Reconnaître un endomorphisme symétrique (autoadjoint)

Reconnaître un endomorphisme symétrique (autoadjoint)

Un endomorphisme symétrique (ou autoadjoint) est une transformation linéaire qui préserve la structure géométrique d’un espace euclidien d’une manière très spéciale. Leur propriété la plus célèbre est qu’ils sont toujours diagonalisables dans une base orthonormale. Mais comment les identifier à coup sûr ?

La Méthode Infaillible : La Matrice

La façon la plus simple et la plus sûre de reconnaître un endomorphisme symétrique est de regarder sa matrice.

Un endomorphisme $f$ est symétrique si et seulement si sa matrice $A$ dans n’importe quelle base orthonormale est une matrice symétrique (c’est-à-dire que $A = A^T$).

Attention : Le mot clé ici est orthonormale. La base canonique de $\mathbb{R}^n$ est orthonormale, ce qui la rend très pratique pour ce test. Si la base n’est pas orthonormale, la symétrie de la matrice ne garantit rien !

Exemple 1 : Matrice donnée dans la base canonique

Soit $f$ un endomorphisme de $\mathbb{R}^3$ dont la matrice dans la base canonique (qui est orthonormale) est :
$A = \begin{pmatrix} 1 & -2 & 0 \\ -2 & 5 & 7 \\ 0 & 7 & -3 \end{pmatrix}$.

La matrice $A$ est-elle symétrique ? Oui, car $A^T = A$.
La base est-elle orthonormale ? Oui, c’est la base canonique.

Conclusion : $f$ est un endomorphisme symétrique.

Exemple 2 : Endomorphisme défini par sa formule

Soit $f: \mathbb{R}^2 \to \mathbb{R}^2$ l’application définie par $f(x, y) = (3x + 5y, 5x – 2y)$.

1. On détermine sa matrice dans la base canonique $\mathcal{B}_c = (e_1, e_2)$ :
$f(e_1) = f(1, 0) = (3, 5) = 3e_1 + 5e_2$.
$f(e_2) = f(0, 1) = (5, -2) = 5e_1 – 2e_2$.

La matrice de $f$ dans la base canonique est donc $A = \begin{pmatrix} 3 & 5 \\ 5 & -2 \end{pmatrix}$.
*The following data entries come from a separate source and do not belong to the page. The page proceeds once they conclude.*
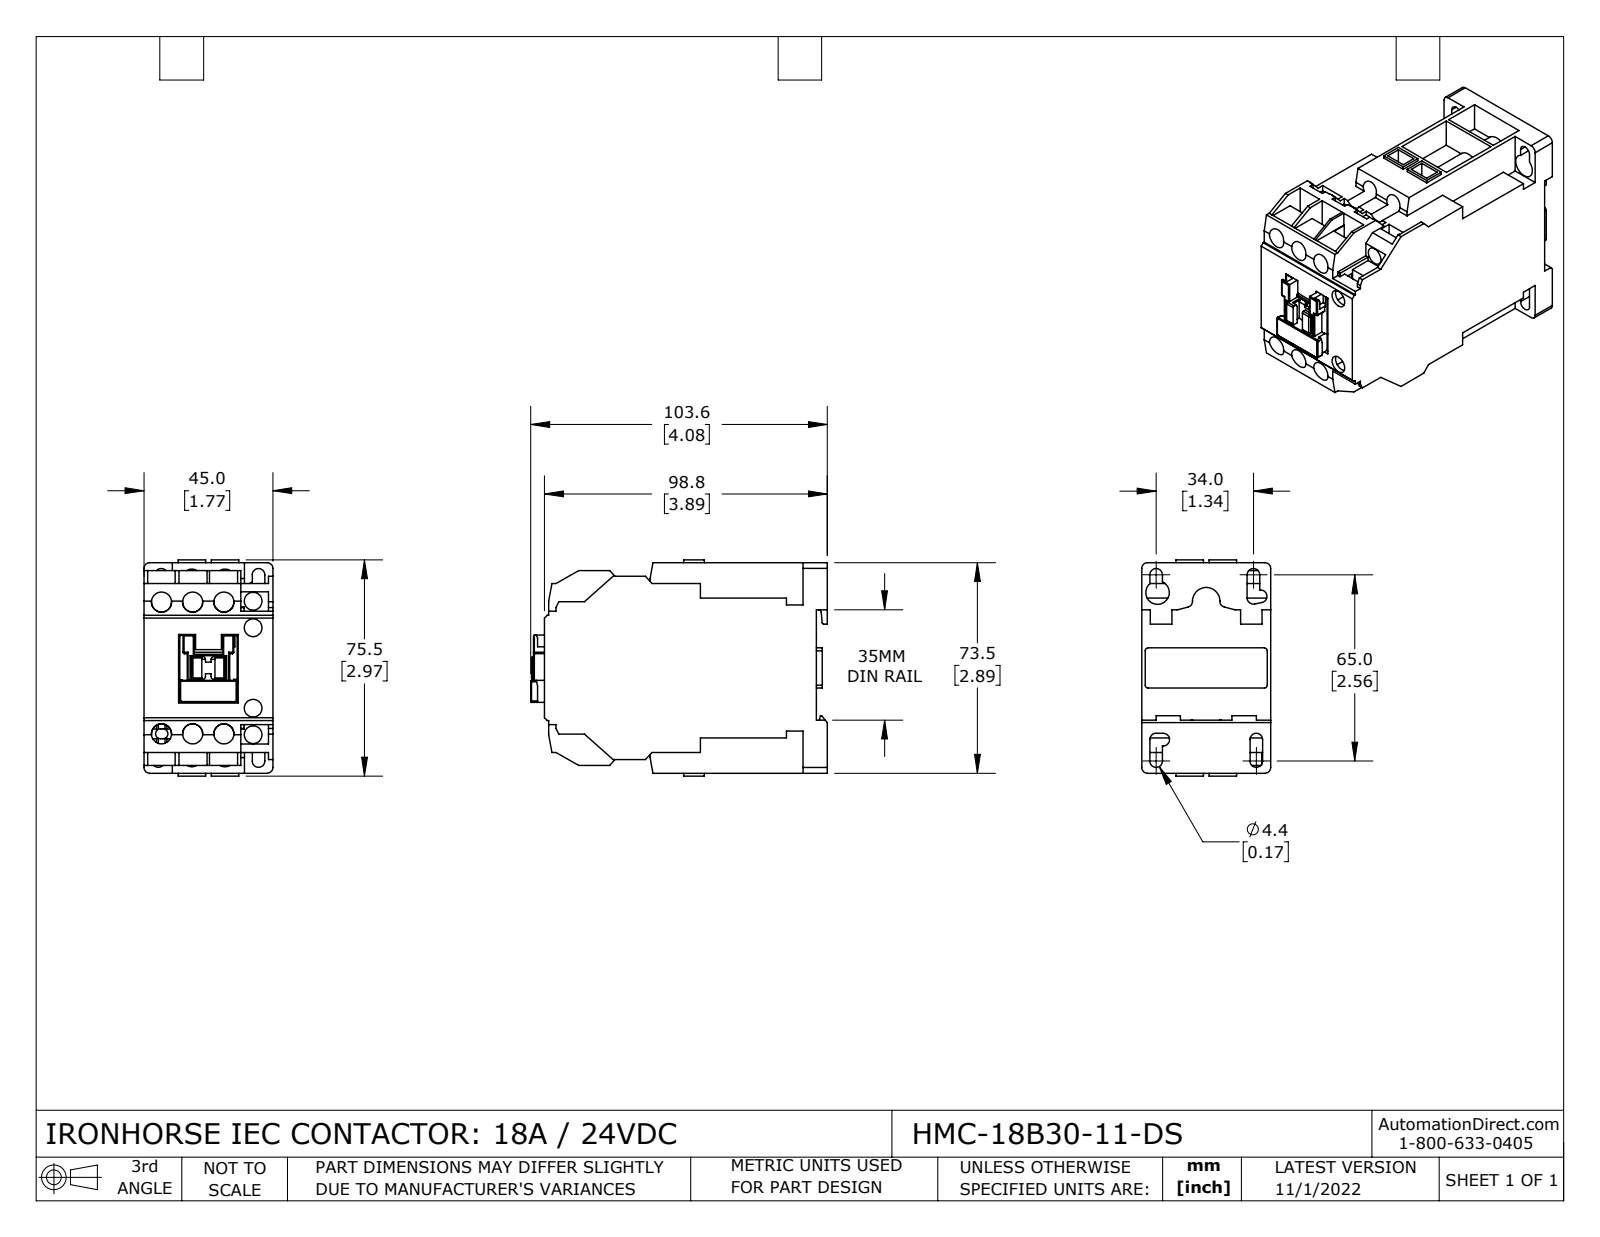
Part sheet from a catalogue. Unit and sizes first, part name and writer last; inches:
Units: inches
Overall size (bounding box): 4.079 × 2.972 × 1.772
Round holes (diameter × count): ⌀0.276 ×6, ⌀0.244 ×4, ⌀0.256 ×4, ⌀0.323 ×1
Partial cylindrical surfaces — rounded edges, fillets, slot ends (radius × count): R0.02 ×22, R0.012 ×13, R0.039 ×13, R0.087 ×9, R0.079 ×8, R0.069 ×2, R0.063 ×1, R0.118 ×1
Main face-to-face distances: 1.772, 0.39, 1.382, 0.429, 0.406, 0.063, 0.201, 2.488, 0.051, 0.285
Hole centre spacings: 0.325, 0.429, 1.861, 2.136, 1.811, 0.364, 0.402, 0.457
Volume: 14.58 in³ · Surface area: 70.35 in²
Bodies: 4 solids, 699 faces (538 planar, 129 cylindrical, 32 other)
Part name (STEP PRODUCT): HMC-18B30-11-DS
STEP written by: SolidWorks 2021 (CONFIG_CONTROL_DESIGN)
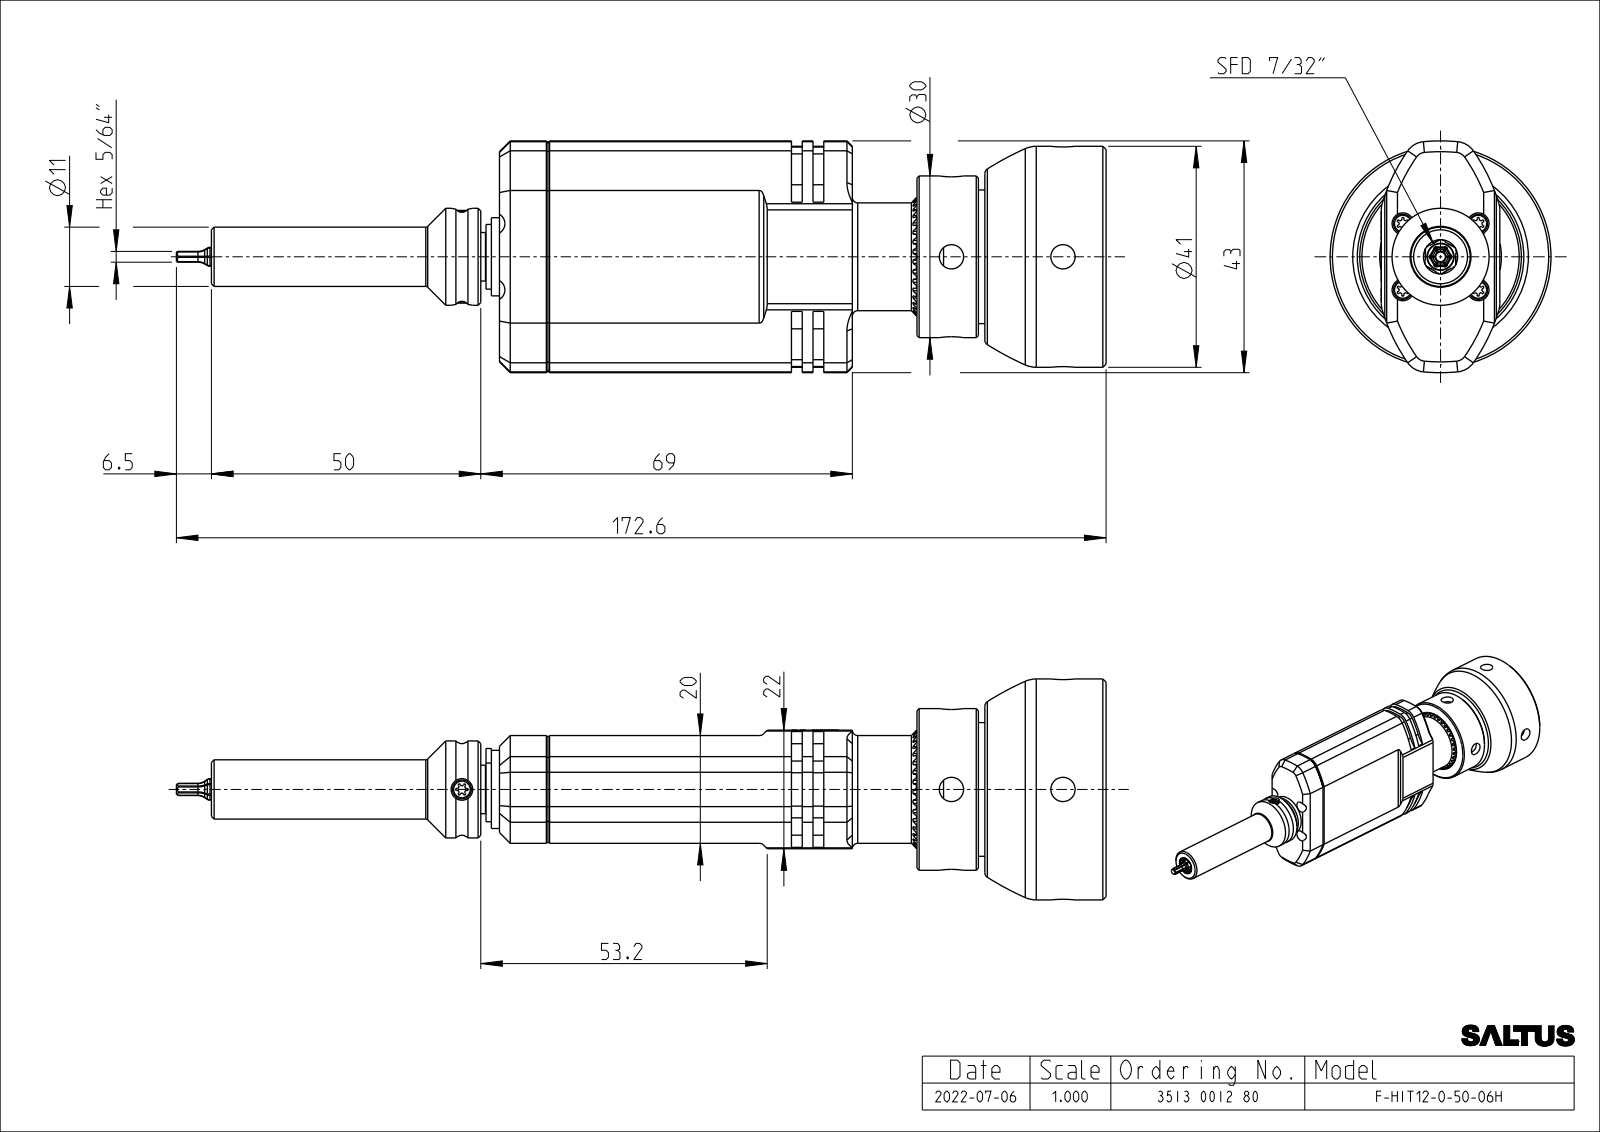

La matrice $A$ est symétrique et la base est orthonormale.
Conclusion : $f$ est un endomorphisme symétrique.

Exemple 3 : Le piège de la base non-orthonormale

Soit un endomorphisme $f$ de $\mathbb{R}^2$. On considère la base $\mathcal{B} = (v_1, v_2)$ avec $v_1=(1,0)$ et $v_2=(1,1)$.
Cette base n’est pas orthonormale car $\langle v_1, v_2 \rangle = 1 \neq 0$.
Supposons que la matrice de $f$ dans cette base $\mathcal{B}$ soit $A_{\mathcal{B}} = \begin{pmatrix} 1 & 0 \\ 0 & 0 \end{pmatrix}$. Cette matrice est symétrique.

Question : $f$ est-il symétrique ? Pour le savoir, il faut trouver sa matrice dans la base canonique $\mathcal{B}_c=(e_1, e_2)$.
On sait que $f(v_1) = 1 \cdot v_1 + 0 \cdot v_2 = v_1$ et $f(v_2) = 0 \cdot v_1 + 0 \cdot v_2 = 0$.

On exprime l’action de $f$ sur les vecteurs de la base canonique :
$v_1 = e_1$, donc $f(e_1) = f(v_1) = v_1 = e_1 = (1, 0)$.
$v_2 = e_1 + e_2$, donc $e_2 = v_2 – v_1$.
$f(e_2) = f(v_2 – v_1) = f(v_2) – f(v_1) = 0 – v_1 = -v_1 = -e_1 = (-1, 0)$.

La matrice de $f$ dans la base canonique est $A_{\mathcal{B}_c} = \begin{pmatrix} 1 & -1 \\ 0 & 0 \end{pmatrix}$.
Cette matrice n’est pas symétrique.

Conclusion : $f$ n’est pas un endomorphisme symétrique, même si sa matrice dans la base non-orthonormale $\mathcal{B}$ l’était.

Le Théorème Spectral : La Récompense

L’intérêt majeur des endomorphismes symétriques est révélé par le puissant Théorème Spectral :
Un endomorphisme est symétrique si et seulement s’il est diagonalisable dans une base orthonormale.

Cela signifie que pour tout endomorphisme symétrique, on peut trouver une base de vecteurs propres qui sont tous orthogonaux entre eux. C’est une propriété fondamentale en mécanique quantique, en analyse de données (ACP) et dans de nombreux autres domaines scientifiques.